## What the task requires
Repeat the lines below exactly as written, please, from the line with "#106321=CARTESIAN_POINT('',(-59.,-0.308,49.533));" to the line with "#114019=DIRECTION('',(1.,0.,0.));", both lines included, and no others.

## Input records

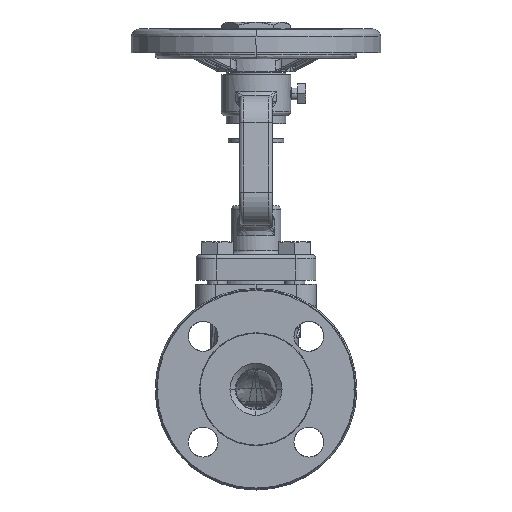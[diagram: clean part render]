
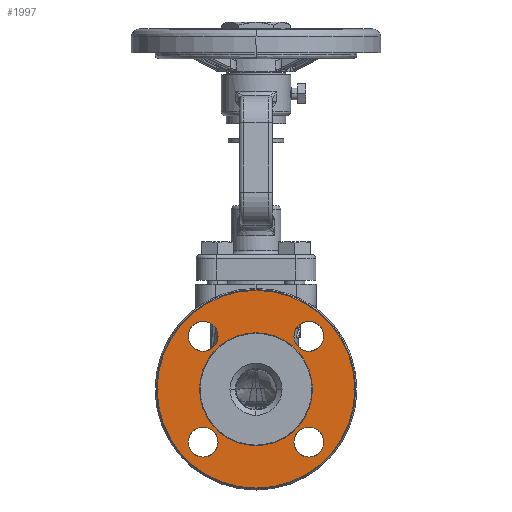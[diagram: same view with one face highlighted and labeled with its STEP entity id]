
A CAD part, left-side view. The second image highlights one B-rep face of the part: STEP entity #1997.
In plain terms, the highlighted planar face has unit normal (-1, 0, 0).
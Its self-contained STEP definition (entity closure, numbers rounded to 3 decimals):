
#1997=ADVANCED_FACE('',(#17463,#17464,#17465,#17466,#17467,#17468),#17462,.F.);
#17462=PLANE('',#44976);
#17463=FACE_OUTER_BOUND('',#44977,.T.);
#17464=FACE_BOUND('',#44978,.T.);
#17465=FACE_BOUND('',#44979,.T.);
#17466=FACE_BOUND('',#44980,.T.);
#17467=FACE_BOUND('',#44981,.T.);
#17468=FACE_BOUND('',#44982,.T.);
#44973=CARTESIAN_POINT('',(-59.,-59.441,59.44));
#44974=DIRECTION('',(1.,0.,0.));
#44975=DIRECTION('',(0.,0.,-1.));
#44976=AXIS2_PLACEMENT_3D('',#44973,#44974,#44975);
#44977=EDGE_LOOP('',(#57547,#57548,#57549,#57550,#57551,#57552));
#44978=EDGE_LOOP('',(#57553,#57554));
#44979=EDGE_LOOP('',(#57555,#57556));
#44980=EDGE_LOOP('',(#57557,#57558));
#44981=EDGE_LOOP('',(#57559,#57560));
#44982=EDGE_LOOP('',(#57561,#57562));
#57547=ORIENTED_EDGE('',*,*,#61454,.T.);
#57548=ORIENTED_EDGE('',*,*,#61698,.F.);
#57549=ORIENTED_EDGE('',*,*,#61693,.F.);
#57550=ORIENTED_EDGE('',*,*,#61071,.T.);
#57551=ORIENTED_EDGE('',*,*,#62599,.F.);
#57552=ORIENTED_EDGE('',*,*,#62600,.F.);
#57553=ORIENTED_EDGE('',*,*,#62601,.T.);
#57554=ORIENTED_EDGE('',*,*,#62602,.T.);
#57555=ORIENTED_EDGE('',*,*,#62603,.T.);
#57556=ORIENTED_EDGE('',*,*,#62604,.T.);
#57557=ORIENTED_EDGE('',*,*,#62605,.T.);
#57558=ORIENTED_EDGE('',*,*,#62606,.T.);
#57559=ORIENTED_EDGE('',*,*,#62607,.T.);
#57560=ORIENTED_EDGE('',*,*,#62608,.T.);
#57561=ORIENTED_EDGE('',*,*,#62609,.F.);
#57562=ORIENTED_EDGE('',*,*,#62610,.F.);
#61071=EDGE_CURVE('',#78501,#78502,#78503,.T.);
#61454=EDGE_CURVE('',#81116,#81117,#81118,.T.);
#61693=EDGE_CURVE('',#78501,#82760,#82761,.T.);
#61698=EDGE_CURVE('',#82760,#81117,#82794,.T.);
#62599=EDGE_CURVE('',#88623,#78502,#88624,.T.);
#62600=EDGE_CURVE('',#81116,#88623,#88630,.T.);
#62601=EDGE_CURVE('',#88636,#88637,#88638,.T.);
#62602=EDGE_CURVE('',#88637,#88636,#88644,.T.);
#62603=EDGE_CURVE('',#88650,#88651,#88652,.T.);
#62604=EDGE_CURVE('',#88651,#88650,#88658,.T.);
#62605=EDGE_CURVE('',#88664,#88665,#88666,.T.);
#62606=EDGE_CURVE('',#88665,#88664,#88672,.T.);
#62607=EDGE_CURVE('',#88678,#88679,#88680,.T.);
#62608=EDGE_CURVE('',#88679,#88678,#88686,.T.);
#62609=EDGE_CURVE('',#88692,#88693,#88694,.T.);
#62610=EDGE_CURVE('',#88693,#88692,#88700,.T.);
#78501=VERTEX_POINT('',#103865);
#78502=VERTEX_POINT('',#103866);
#78503=CIRCLE('',#103870,49.534);
#81116=VERTEX_POINT('',#106320);
#81117=VERTEX_POINT('',#106321);
#81118=CIRCLE('',#106325,49.534);
#82760=VERTEX_POINT('',#107699);
#82761=LINE('',#107700,#107701);
#82794=LINE('',#107740,#107741);
#88623=VERTEX_POINT('',#113989);
#88624=LINE('',#113990,#113991);
#88630=LINE('',#113993,#113994);
#88636=VERTEX_POINT('',#113996);
#88637=VERTEX_POINT('',#113997);
#88638=CIRCLE('',#114001,7.5);
#88644=CIRCLE('',#114005,7.5);
#88650=VERTEX_POINT('',#114006);
#88651=VERTEX_POINT('',#114007);
#88652=CIRCLE('',#114011,7.5);
#88658=CIRCLE('',#114015,7.5);
#88664=VERTEX_POINT('',#114016);
#88665=VERTEX_POINT('',#114017);
#88666=CIRCLE('',#114021,7.5);
#88672=CIRCLE('',#114025,7.5);
#88678=VERTEX_POINT('',#114026);
#88679=VERTEX_POINT('',#114027);
#88680=CIRCLE('',#114031,7.5);
#88686=CIRCLE('',#114035,7.5);
#88692=VERTEX_POINT('',#114036);
#88693=VERTEX_POINT('',#114037);
#88694=CIRCLE('',#114041,28.268);
#88700=CIRCLE('',#114045,28.268);
#103865=CARTESIAN_POINT('',(-59.,0.308,49.533));
#103866=CARTESIAN_POINT('',(-59.,0.308,-49.533));
#103867=CARTESIAN_POINT('',(-59.,0.,0.));
#103868=DIRECTION('',(-1.,0.,0.));
#103869=DIRECTION('',(0.,0.,1.));
#103870=AXIS2_PLACEMENT_3D('',#103867,#103868,#103869);
#106320=CARTESIAN_POINT('',(-59.,-0.308,-49.533));
#106321=CARTESIAN_POINT('',(-59.,-0.308,49.533));
#106322=CARTESIAN_POINT('',(-59.,0.,0.));
#106323=DIRECTION('',(-1.,0.,0.));
#106324=DIRECTION('',(0.,0.,1.));
#106325=AXIS2_PLACEMENT_3D('',#106322,#106323,#106324);
#107699=CARTESIAN_POINT('',(-59.,0.,49.));
#107700=CARTESIAN_POINT('',(-59.,0.308,49.533));
#107701=VECTOR('',#107702,0.616);
#107702=DIRECTION('',(0.,-0.5,-0.866));
#107740=CARTESIAN_POINT('',(-59.,0.,49.));
#107741=VECTOR('',#107742,0.616);
#107742=DIRECTION('',(0.,-0.5,0.866));
#113989=CARTESIAN_POINT('',(-59.,0.,-49.));
#113990=CARTESIAN_POINT('',(-59.,0.,-49.));
#113991=VECTOR('',#113992,0.616);
#113992=DIRECTION('',(0.,0.5,-0.866));
#113993=CARTESIAN_POINT('',(-59.,-0.308,-49.533));
#113994=VECTOR('',#113995,0.616);
#113995=DIRECTION('',(0.,0.5,0.866));
#113996=CARTESIAN_POINT('',(-59.,26.517,-34.017));
#113997=CARTESIAN_POINT('',(-59.,26.517,-19.017));
#113998=CARTESIAN_POINT('',(-59.,26.517,-26.517));
#113999=DIRECTION('',(1.,0.,0.));
#114000=DIRECTION('',(0.,0.,-1.));
#114001=AXIS2_PLACEMENT_3D('',#113998,#113999,#114000);
#114002=CARTESIAN_POINT('',(-59.,26.517,-26.517));
#114003=DIRECTION('',(1.,0.,0.));
#114004=DIRECTION('',(0.,0.,-1.));
#114005=AXIS2_PLACEMENT_3D('',#114002,#114003,#114004);
#114006=CARTESIAN_POINT('',(-59.,-26.517,19.017));
#114007=CARTESIAN_POINT('',(-59.,-26.517,34.017));
#114008=CARTESIAN_POINT('',(-59.,-26.517,26.517));
#114009=DIRECTION('',(1.,0.,0.));
#114010=DIRECTION('',(0.,0.,-1.));
#114011=AXIS2_PLACEMENT_3D('',#114008,#114009,#114010);
#114012=CARTESIAN_POINT('',(-59.,-26.517,26.517));
#114013=DIRECTION('',(1.,0.,0.));
#114014=DIRECTION('',(0.,0.,-1.));
#114015=AXIS2_PLACEMENT_3D('',#114012,#114013,#114014);
#114016=CARTESIAN_POINT('',(-59.,-26.517,-34.017));
#114017=CARTESIAN_POINT('',(-59.,-26.517,-19.017));
#114018=CARTESIAN_POINT('',(-59.,-26.517,-26.517));
#114019=DIRECTION('',(1.,0.,0.));
#114020=DIRECTION('',(0.,0.,-1.));
#114021=AXIS2_PLACEMENT_3D('',#114018,#114019,#114020);
#114022=CARTESIAN_POINT('',(-59.,-26.517,-26.517));
#114023=DIRECTION('',(1.,0.,0.));
#114024=DIRECTION('',(0.,0.,-1.));
#114025=AXIS2_PLACEMENT_3D('',#114022,#114023,#114024);
#114026=CARTESIAN_POINT('',(-59.,26.517,19.017));
#114027=CARTESIAN_POINT('',(-59.,26.517,34.017));
#114028=CARTESIAN_POINT('',(-59.,26.517,26.517));
#114029=DIRECTION('',(1.,0.,0.));
#114030=DIRECTION('',(0.,0.,-1.));
#114031=AXIS2_PLACEMENT_3D('',#114028,#114029,#114030);
#114032=CARTESIAN_POINT('',(-59.,26.517,26.517));
#114033=DIRECTION('',(1.,0.,0.));
#114034=DIRECTION('',(0.,0.,-1.));
#114035=AXIS2_PLACEMENT_3D('',#114032,#114033,#114034);
#114036=CARTESIAN_POINT('',(-59.,0.,-28.268));
#114037=CARTESIAN_POINT('',(-59.,0.,28.268));
#114038=CARTESIAN_POINT('',(-59.,0.,0.));
#114039=DIRECTION('',(-1.,0.,0.));
#114040=DIRECTION('',(0.,0.,1.));
#114041=AXIS2_PLACEMENT_3D('',#114038,#114039,#114040);
#114042=CARTESIAN_POINT('',(-59.,0.,0.));
#114043=DIRECTION('',(-1.,0.,0.));
#114044=DIRECTION('',(0.,0.,1.));
#114045=AXIS2_PLACEMENT_3D('',#114042,#114043,#114044);

## Response to the exercise
#106321=CARTESIAN_POINT('',(-59.,-0.308,49.533));
#106322=CARTESIAN_POINT('',(-59.,0.,0.));
#106323=DIRECTION('',(-1.,0.,0.));
#106324=DIRECTION('',(0.,0.,1.));
#106325=AXIS2_PLACEMENT_3D('',#106322,#106323,#106324);
#107699=CARTESIAN_POINT('',(-59.,0.,49.));
#107700=CARTESIAN_POINT('',(-59.,0.308,49.533));
#107701=VECTOR('',#107702,0.616);
#107702=DIRECTION('',(0.,-0.5,-0.866));
#107740=CARTESIAN_POINT('',(-59.,0.,49.));
#107741=VECTOR('',#107742,0.616);
#107742=DIRECTION('',(0.,-0.5,0.866));
#113989=CARTESIAN_POINT('',(-59.,0.,-49.));
#113990=CARTESIAN_POINT('',(-59.,0.,-49.));
#113991=VECTOR('',#113992,0.616);
#113992=DIRECTION('',(0.,0.5,-0.866));
#113993=CARTESIAN_POINT('',(-59.,-0.308,-49.533));
#113994=VECTOR('',#113995,0.616);
#113995=DIRECTION('',(0.,0.5,0.866));
#113996=CARTESIAN_POINT('',(-59.,26.517,-34.017));
#113997=CARTESIAN_POINT('',(-59.,26.517,-19.017));
#113998=CARTESIAN_POINT('',(-59.,26.517,-26.517));
#113999=DIRECTION('',(1.,0.,0.));
#114000=DIRECTION('',(0.,0.,-1.));
#114001=AXIS2_PLACEMENT_3D('',#113998,#113999,#114000);
#114002=CARTESIAN_POINT('',(-59.,26.517,-26.517));
#114003=DIRECTION('',(1.,0.,0.));
#114004=DIRECTION('',(0.,0.,-1.));
#114005=AXIS2_PLACEMENT_3D('',#114002,#114003,#114004);
#114006=CARTESIAN_POINT('',(-59.,-26.517,19.017));
#114007=CARTESIAN_POINT('',(-59.,-26.517,34.017));
#114008=CARTESIAN_POINT('',(-59.,-26.517,26.517));
#114009=DIRECTION('',(1.,0.,0.));
#114010=DIRECTION('',(0.,0.,-1.));
#114011=AXIS2_PLACEMENT_3D('',#114008,#114009,#114010);
#114012=CARTESIAN_POINT('',(-59.,-26.517,26.517));
#114013=DIRECTION('',(1.,0.,0.));
#114014=DIRECTION('',(0.,0.,-1.));
#114015=AXIS2_PLACEMENT_3D('',#114012,#114013,#114014);
#114016=CARTESIAN_POINT('',(-59.,-26.517,-34.017));
#114017=CARTESIAN_POINT('',(-59.,-26.517,-19.017));
#114018=CARTESIAN_POINT('',(-59.,-26.517,-26.517));
#114019=DIRECTION('',(1.,0.,0.));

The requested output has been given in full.